Besides, the two-stage degradation profile is controllable designed in order to reduce the time-specific degradation products concentration, possibly can lighten inflammatory response and further reduce restenosis. Previous studies demonstrated that the inflammatory response is one of the main reasons causing restenosis [68]. It induces proinflammatory cytokines and growth factors generation and subsequently smooth muscle cell migration and proliferation, which results in the neointima over-formation [69]. Currently, anti-inflammatory drugs are commonly used to reduce inflammation reaction, while side effects are reported, such as delayed vascular remodeling process [70,71]. Although the results in this study still showed obvious inflammatory response increasing in 4 months due to partially degradation, it remained in a mild level (Fig. 9k).
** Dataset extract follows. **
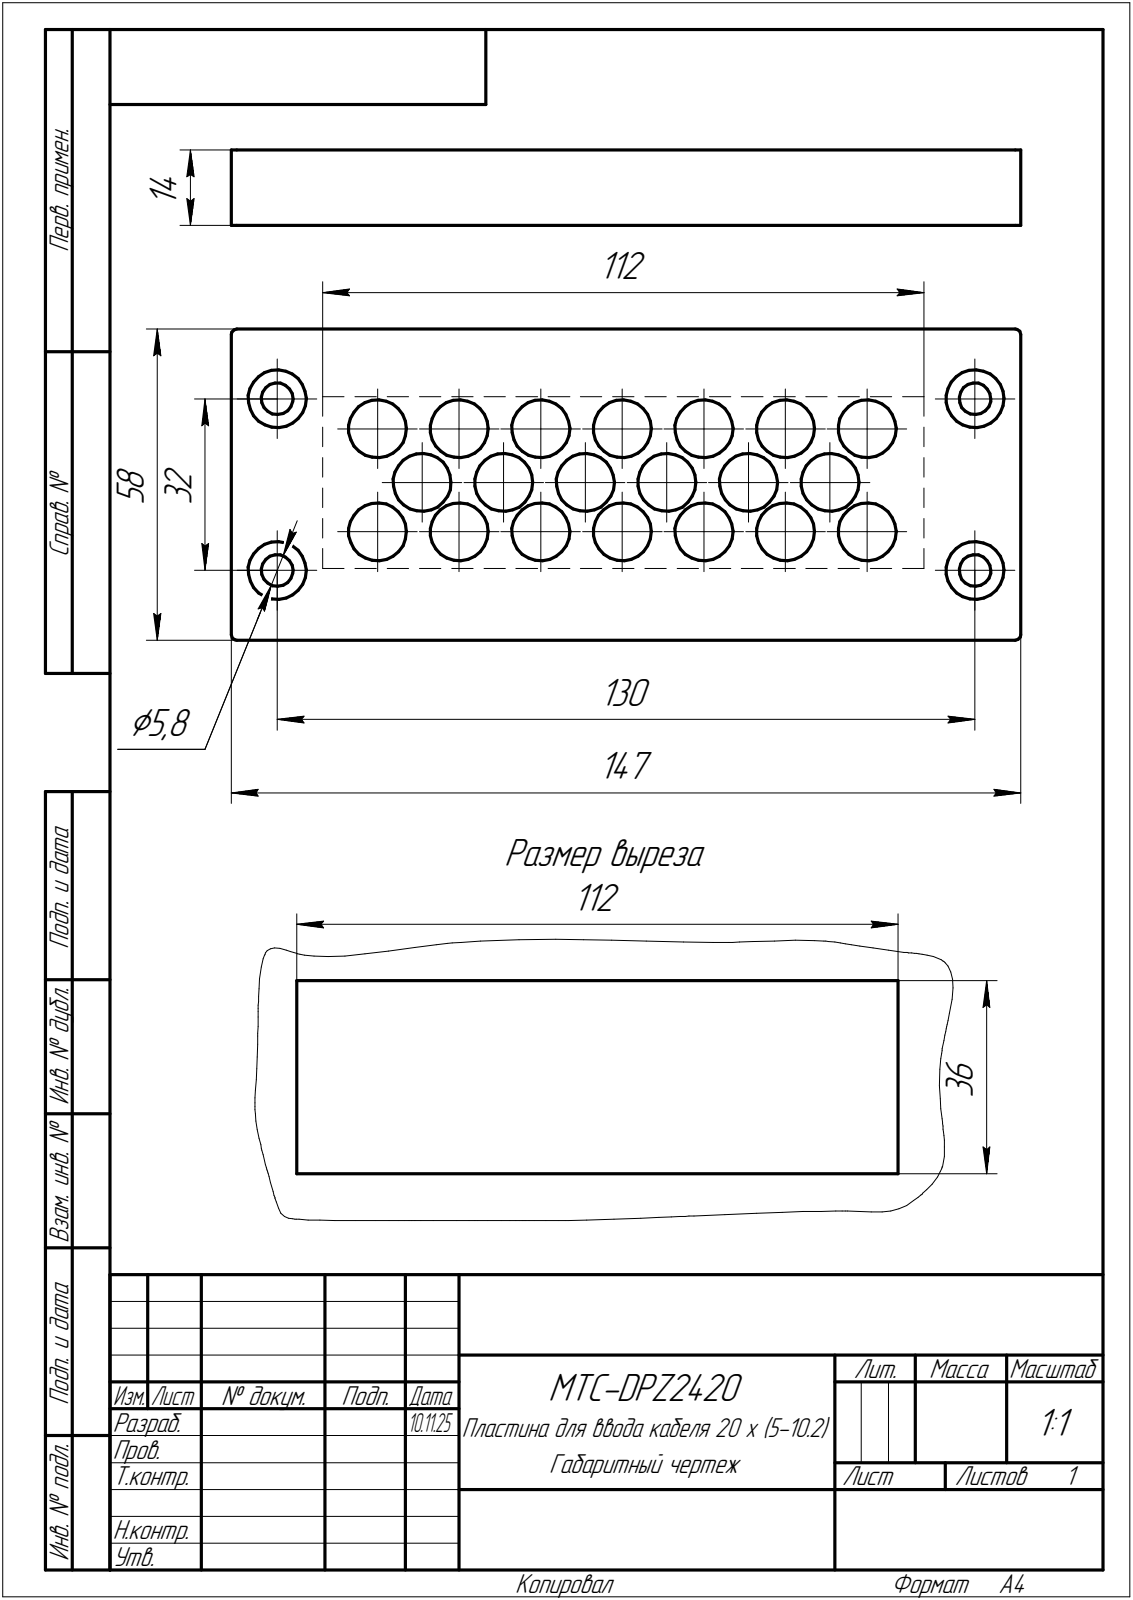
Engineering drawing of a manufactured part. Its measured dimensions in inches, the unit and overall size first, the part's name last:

The stenosis rate is found to be reduced after 4 months and significantly lower than that of Wallstent implantation in 12 months (Fig. 9l). Thus, by introducing more components with suitable while different degradation time, the cBRS are expected to induce lower inflammatory response and probably obtain better long-term patency after implantation than currently developed BRSs.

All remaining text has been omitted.